What are we to make of this book burning? Is it something that should be done in the church today? If so, why? If not, why not?

It seems to me that the progression of events in this passage is:
1. Preaching of the Gospel to both Jews and Greeks by Paul in Ephesus (for two years).
2. Attempted imitation of Paul's miracles by Jews.
3. Conversion of many, including magicians.
4. In response to their conversion, the magicians willingly give up/burn their books.
5. The word of the Lord grew mightily and prevailed.

What say you?

Edited to add: I should make it clear that my question is not related to the news item about that "church" in Florida that will be burning Korans on September 11th.
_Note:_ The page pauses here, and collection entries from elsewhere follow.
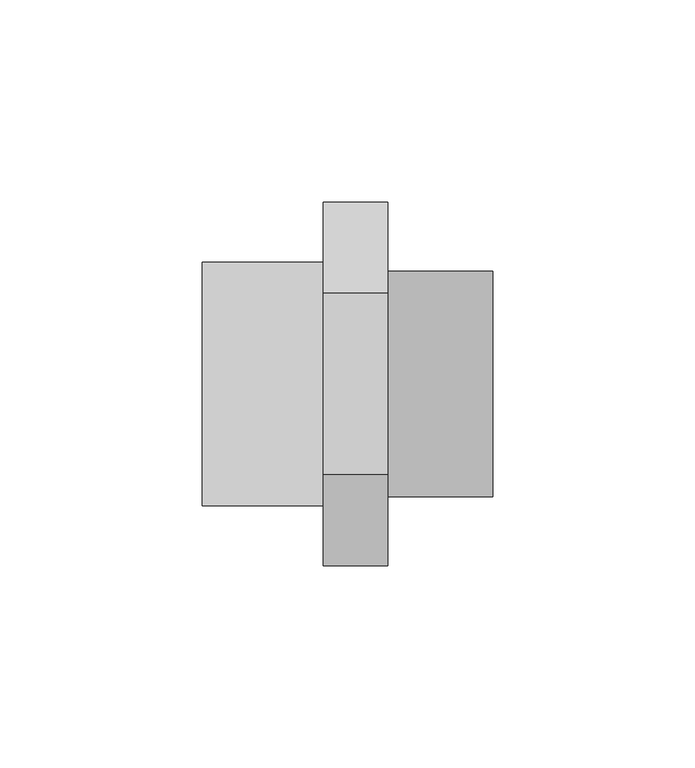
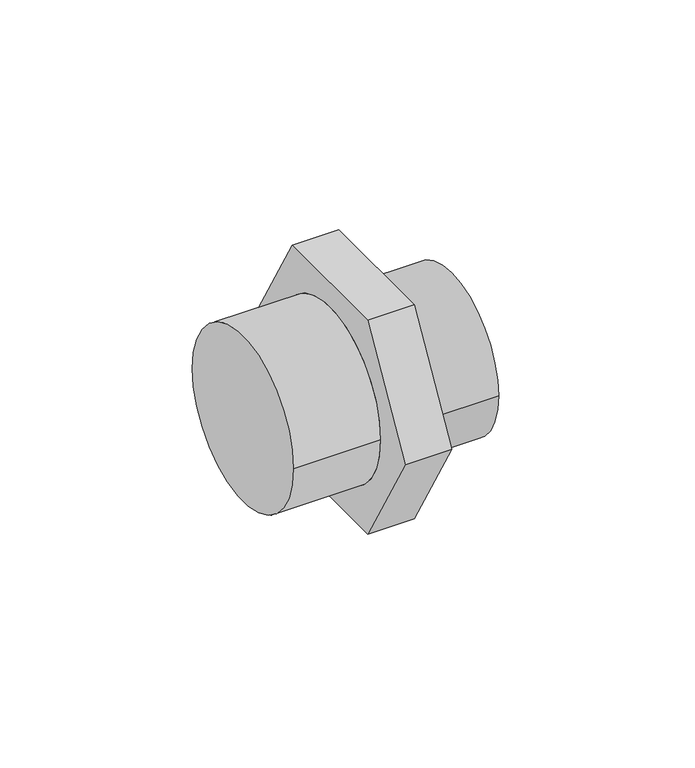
"""IFC4 building model written with IfcOpenShell, lengths in millimetres: pipe fitting geometry, 01011197 : Machones doble rosca reducidas."""

from ifc_helpers import new_model, si_unit, frame, origin, place, context, project, spatial, circle_curve, source, transform, mapped, element, save
from ifc_brep_helpers import plane_surface, cylinder_surface, advanced_brep


def pipe_fitting_c5b334e8(model_context):
    return source(origin(), model_context, "Body", "AdvancedBrep", [
        advanced_brep(
        [(46.0, -22.5166605, 39.0), (46.0, -45.033321, 0.0), (46.0, -22.5166605, -39.0), (46.0, 22.5166605, -39.0), (46.0, 45.033321, 0.0), (46.0, 22.5166605, 39.0), (46.0, -27.94, 0.0), (46.0, 27.94, 0.0), (30.0, -22.5166605, 39.0), (30.0, 22.5166605, 39.0), (30.0, 45.033321, 0.0), (30.0, 22.5166605, -39.0), (30.0, -22.5166605, -39.0), (30.0, -45.033321, 0.0), (30.0, 30.1625, 0.0), (30.0, -30.1625, 0.0), (72.0, -27.94, 0.0), (72.0, 27.94, 0.0), (0.0, 30.1625, 0.0), (0.0, -30.1625, 0.0)],
        [
            (0, 1),
            (1, 2),
            (2, 3),
            (3, 4),
            (4, 5),
            (5, 0),
            (6, 7, circle_curve(frame((46.0, 0.0, 0.0), z_axis=(-1.0, 0.0, 0.0), x_axis=(0.0, 1.0, 0.0)), 27.94)),
            (7, 6, circle_curve(frame((46.0, 0.0, 0.0), z_axis=(-1.0, 0.0, 0.0), x_axis=(0.0, 1.0, 0.0)), 27.94)),
            (8, 9),
            (9, 10),
            (10, 11),
            (11, 12),
            (12, 13),
            (13, 8),
            (14, 15, circle_curve(frame((30.0, 0.0, 0.0), z_axis=(1.0, 0.0, 0.0), x_axis=(0.0, -1.0, 0.0)), 30.1625)),
            (15, 14, circle_curve(frame((30.0, 0.0, 0.0), z_axis=(1.0, 0.0, 0.0), x_axis=(0.0, -1.0, 0.0)), 30.1625)),
            (0, 8),
            (13, 1),
            (12, 2),
            (11, 3),
            (10, 4),
            (9, 5),
            (16, 17, circle_curve(frame((72.0, 0.0, 0.0), z_axis=(1.0, 0.0, 0.0), x_axis=(0.0, 1.0, 0.0)), 27.94)),
            (17, 16, circle_curve(frame((72.0, 0.0, 0.0), z_axis=(1.0, 0.0, 0.0), x_axis=(0.0, 1.0, 0.0)), 27.94)),
            (17, 7),
            (6, 16),
            (18, 19, circle_curve(frame((0.0, 0.0, 0.0), z_axis=(-1.0, 0.0, 0.0), x_axis=(0.0, -1.0, 0.0)), 30.1625)),
            (19, 18, circle_curve(frame((0.0, 0.0, 0.0), z_axis=(-1.0, 0.0, 0.0), x_axis=(0.0, -1.0, 0.0)), 30.1625)),
            (19, 15),
            (14, 18),
        ],
        [
            plane_surface(frame((46.0, -22.5166605, 39.0), z_axis=(1.0, 0.0, 0.0), x_axis=(0.0, -0.5000000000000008, -0.8660254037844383))),
            plane_surface(frame((30.0, -22.5166605, 39.0), z_axis=(-1.0, 0.0, 0.0), x_axis=(0.0, 0.5000000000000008, 0.8660254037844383))),
            plane_surface(frame((46.0, -22.5166605, 39.0), z_axis=(0.0, -0.8660254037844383, 0.5000000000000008), x_axis=(-1.0, 0.0, 0.0))),
            plane_surface(frame((46.0, -45.033321, 0.0), z_axis=(0.0, -0.8660254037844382, -0.500000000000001), x_axis=(-1.0, 0.0, 0.0))),
            plane_surface(frame((46.0, -22.5166605, -39.0), z_axis=(0.0, 0.0, -1.0), x_axis=(-1.0, 0.0, 0.0))),
            plane_surface(frame((46.0, 22.5166605, -39.0), z_axis=(0.0, 0.8660254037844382, -0.500000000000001), x_axis=(-1.0, 0.0, 0.0))),
            plane_surface(frame((46.0, 45.033321, 0.0), z_axis=(0.0, 0.866025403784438, 0.500000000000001), x_axis=(-1.0, 0.0, 0.0))),
            plane_surface(frame((46.0, 22.5166605, 39.0), z_axis=(0.0, 0.0, 1.0), x_axis=(-1.0, 0.0, 0.0))),
            plane_surface(frame((72.0, 0.0, 0.0), z_axis=(1.0, 0.0, 0.0), x_axis=(0.0, 0.0, 1.0))),
            cylinder_surface(frame((46.0, 0.0, 0.0), z_axis=(-1.0, 0.0, 0.0), x_axis=(0.0, 1.0, 0.0)), 27.94),
            plane_surface(frame((0.0, 0.0, 0.0), z_axis=(-1.0, 0.0, 0.0), x_axis=(0.0, 0.0, 1.0))),
            cylinder_surface(frame((30.0, 0.0, 0.0), z_axis=(1.0, 0.0, 0.0), x_axis=(0.0, -1.0, 0.0)), 30.1625),
        ],
        [
            (0, [[1, 2, 3, 4, 5, 6], [7, 8]]),
            (1, [[9, 10, 11, 12, 13, 14], [15, 16]]),
            (2, [[-1, 17, -14, 18]]),
            (3, [[-2, -18, -13, 19]]),
            (4, [[-3, -19, -12, 20]]),
            (5, [[-4, -20, -11, 21]]),
            (6, [[-5, -21, -10, 22]]),
            (7, [[-6, -22, -9, -17]]),
            (8, [[23, 24]]),
            (9, [[-24, 25, -7, 26]]),
            (9, [[-23, -26, -8, -25]]),
            (10, [[27, 28]]),
            (11, [[-28, 29, -15, 30]]),
            (11, [[-27, -30, -16, -29]]),
        ],
    ),
    ])


if __name__ == "__main__":
    model = new_model("IFC4")
    model_context = context("Model", 3, world=origin())
    ifc_project = project(units=[si_unit("LENGTHUNIT", "METRE", prefix="MILLI")], contexts=[model_context])
    site = spatial("IfcSite", under=ifc_project)
    building = spatial("IfcBuilding", under=site)
    placement = place(None, origin())
    pipe_fitting_shape = pipe_fitting_c5b334e8(model_context)
    element("IfcPipeFitting", 1, ObjectType="01011197 : Machones doble rosca reducidas", at=placement, inside=building, context=model_context, shape_type="MappedRepresentation", body=[
        mapped(pipe_fitting_shape, transform((0.0, 0.0, 0.0), x_axis=(1.0, 0.0, 0.0), y_axis=(0.0, 1.0, 0.0), z_axis=(0.0, 0.0, 1.0))),
    ])
    save(model, "model.ifc")

I will be leading a Bible study through Acts in a few weeks, and this passage has always interested me, so in preparation for leading that study, I'm asking about it.


----------



## AThornquist

I think it ought to continue for converts, but not by any means pressed. One of my pastors was highly proselytized by JWs before he was regenerated. He had _shelves_ of their material, including dictionaries, commentaries, encyclopedias, and so on. When the Lord opened his eyes (and his wife's), they threw it all outside and burned it, knowing it was unbiblical, ungodly garbage. Since what we see in Acts 19:18-20 is descriptive rather than prescriptive, I think the practice of utterly destroying one's spiritual hindrances in books and other materials is a real option, though we must not put that burden on the conscience of another.


----------



## sastark

Joshua said:


> I'm all for a godly magistrate outlawing anti-Christian books and burning them when found. That noted, a lot has to happen between our current circumstances and such a reality.


 
I don't see how the magistrate was involved in the passage in Acts.


----------



## SolaScriptura

I'm all for burning every book and publication published in support of or advocating leftism.


----------



## Rich Koster

To me it appears as a public act of repentance. As people turned to Jesus, they purged their homes and/or businesses of articles that promote or identify with false teaching/idolatry and made sure no one else would get their hands on the trash to learn things which God has forbidden. They didn't try to recapture any $ by selling off the deceitful stuff, they destroyed it for the glory of God. I think we also find stuff in boxes that we purge from our homes because it is the like. There may be an old Ouija board in the attic or some other "stuff" from our past we need to purge. If there was a great awakening, a group effort like this may occur, but in any case we should do it individually.


----------



## Grimmson

As a historian I am not always in favor of book burning because some valuable religious/theological and historical information, including political, over time has been lost by that process. I can see the value of destroying idolatrous material through the wisdom of a clergyman, one major problem with the clergy taking the lead is that typically they go further then they should at times in the area of music and literature. I say they go to far because it does not directly affect the new Christian’s life unlike the use of magical spells or trinkets to instill luck. The destruction of mystical devices and materials is different then the destruction of left-wing or right-wing political materials and various forms of music from Rock to Jazz. We must be careful that we do not put the seal of approval on accepted material and work if it was done only by someone or a group within the Christian community. We must allow for some level of liberty and wisdom unless it crosses against clear boundaries of established teaching from scripture, such as not practicing sorcery. The burning of such material is acts of a warning for such continuing in their rebellion from God as a picture of Hell and one burning in such a punishment. The idea of if this material is damnable and direct rebellion against God should be keep in mind if we are recommending books or CDs/Tapes are destroyed in the flames. At least that what governs my reasoning for the burning, that and I would recommend it is only by the supervising clergy of the church and not the magistrate. I do not think the magistrate under common grace has any right to burn any such material unless it is material that breeds anarchy and rebellion against the State.


----------



## Jack K

Back to Acts 19... This seems more than a mere jab at pagan philosophy. People today do book burnings to make an ideological point, but what happened in Ephesus was bigger. Books were incredibly expensive (as the passage points out), and for those who were professional magicians the books were their livelihood. Even for amateurs, the books represented what they put their trust in. Those magic books had been their hope of getting ahead in the world.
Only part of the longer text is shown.